Though it might not be a stimulating subject for a role-playing game, it is tremendously important, and it created the place you live in. At the beginning of the 20th century, Texans were isolated, uneducated dirt farmers. A significant part of why that changed, from the construction of dams that provided electricity to the Hill Country to the space program to our hightech sector, is federal help, obtained by the state’s representatives in Washington.
Your role in the game is to continue that. The state needs many things right now, and some of them are quite complicated, like changes to immigration and trade policy. But your first task is quite easy. Last year, one of the most expensive natural disasters in American history hit Houston, the fourth-largest city in the country and a key economic engine for the state. If Houston recovers poorly, the state suffers. And many people will suffer — more than 1 in 5 Texans lives in the Houston area.
This is a no-brainer: Open the federal spigot and let relief money pour in. Then, keep it pouring, because Houston’s infrastructure needs considerable upgrades before the next storm. This is what good congressional delegations do — they fight for a piece of the pie for their constituents. After Hurricane Sandy, both parties worked together to airdrop cash into New Jersey and New York — funding that included needed infrastructure improvements for areas vulnerable to rising sea levels and bolstered federal agencies involved in storm warning and response.
It’s also hard to think of an easier task for you to accomplish. The first thing that ought to be working in your favor is that D.C. is completely controlled by the Republican Party, and Texas is by far the most important Republican state. Texas has been unceasingly loyal to the GOP for a quarter of a century. Texas congressmen and women are ideally situated in every wing of the party, which means that you should hypothetically be able to get just about anything you want.
One senator, John Cornyn, is a veteran lawmaker who has held senior leadership positions, and the other, Cruz, has good ties with the party’s right. The House is filled with senior Texas Republicans who’ve been there for years and know where every bathroom is in the Capitol, and quite a few of them are now retiring, which means they have an opportunity to go the extra distance.
So, shoot the moon. Disaster relief should be a breeze — let’s build that Ike Dike. Summon up some scratch for Houston’s creaky reservoir system. Get Mayor Sylvester Turner’s shopping list and the state Legislature’s and load up. In a previous generation, that might have been how it worked out.
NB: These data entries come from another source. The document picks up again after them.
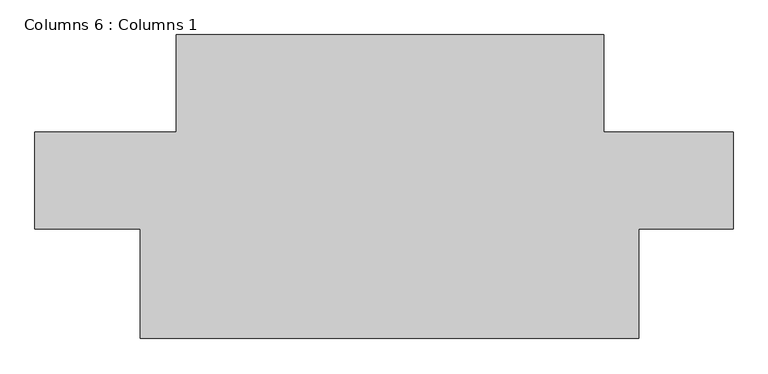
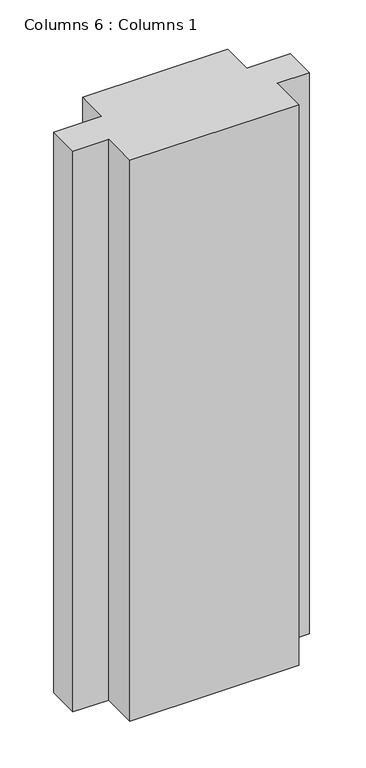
"""IFC4 building model written with IfcOpenShell, lengths in millimetres: column geometry, Columns 6 : Columns 1."""

from ifc_helpers import new_model, si_unit, origin, origin_with_axes, place, context, project, spatial, polyline, outline, extrude, source, transform, mapped, element, save


def columns_6_columns_1_e790766a(model_context):
    return source(origin(), model_context, "Body", "SweptSolid", [
        extrude(outline(polyline([(-20736.8729771, 87264.7092432), (-20956.6085473, 87264.7092432), (-20956.6085473, 87467.9092432), (-20661.1928355, 87467.9092432), (-20661.1928355, 87671.1092432), (-19767.7478355, 87671.1092432), (-19767.7478355, 87467.9092432), (-19497.9300192, 87467.9092432), (-19497.9300192, 87264.7092432), (-19695.4729771, 87264.7092432), (-19695.4729771, 87036.1092432), (-20736.8729771, 87036.1092432), (-20736.8729771, 87264.7092432)])), origin_with_axes(), (0.0, 0.0, 1.0), 3657.6),
    ])


if __name__ == "__main__":
    model = new_model("IFC4")
    model_context = context("Model", 3, world=origin())
    ifc_project = project(units=[si_unit("LENGTHUNIT", "METRE", prefix="MILLI")], contexts=[model_context])
    site = spatial("IfcSite", under=ifc_project)
    building = spatial("IfcBuilding", under=site)
    placement = place(None, origin())
    columns_6_columns_1_shape = columns_6_columns_1_e790766a(model_context)
    element("IfcColumn", 1, ObjectType="Columns 6 : Columns 1", at=placement, inside=building, context=model_context, shape_type="MappedRepresentation", body=[
        mapped(columns_6_columns_1_shape, transform((0.0, 0.0, 0.0), x_axis=(1.0, 0.0, 0.0), y_axis=(0.0, 1.0, 0.0), z_axis=(0.0, 0.0, 1.0))),
    ])
    save(model, "model.ifc")

Instead, in the real world, everything’s getting fumbled, and the state has been consistently disrespected by the Trump administration and the rest of Congress. Texas originally asked for $61 billion of disaster aid, as a starting point. The Trump administration proposed only $44 billion — to be split among Texas, Florida and Puerto Rico. It was a slap in the face for the state, compounded by Trump spokesperson Sarah Huckabee Sanders blaming Texas for not coming up with more money in-state. Even Gov. Greg Abbott characterized the Texas congressional delegation as “let(ting) themselves be rolled by the House of Representatives.”
In December, the House passed an $81 billion relief package, still split between several disaster areas. The bill was seen as a defeat for Texas, but Abbott nonetheless expressed hope the bill would pass the Senate by the end of Christmas break. It did not. Some hoped the funding would pass as part of last week’s budget talks, but it got kicked out. It remains unclear when it will come back again.
It would be surprising if Congress didn’t pass Harvey relief at all, and it’s possible it passes this week. What’s truly discouraging about this fight has been how much the Texas delegation has had to fight to meet this, the lowest possible bar. If it takes three full months of palace intrigue to deliver meager hurricane aid, it seems extraordinarily doubtful Texas’ current representatives will ever be able to muster the political will it takes to make the substantive, wish-list investments in Texas that the state needs.
I’m writing this column using electricity generated by the Lower Colorado River Authority dams, the result of massive federal investment in the early 20th century. The money spent on those dams, a boon obtained by much drama and more than a little corruption in Austin and Washington, wasn’t necessarily sensible or “efficient,” in our modern sense. It was the result of politicians looking at a poor and benighted place and imagining what could be. The politicians we have now seem barely capable of managing what is.
But more than that, Texas is being treated to a poor return on its investment in the Republican Party. The state has been the foundation of Republican presidential bids for years, and so with it, the reason for the party’s control of the Supreme Court, even more crucial. If this is what we’re getting for it, we ought to be embarrassed. Or they ought to be. Or both of us.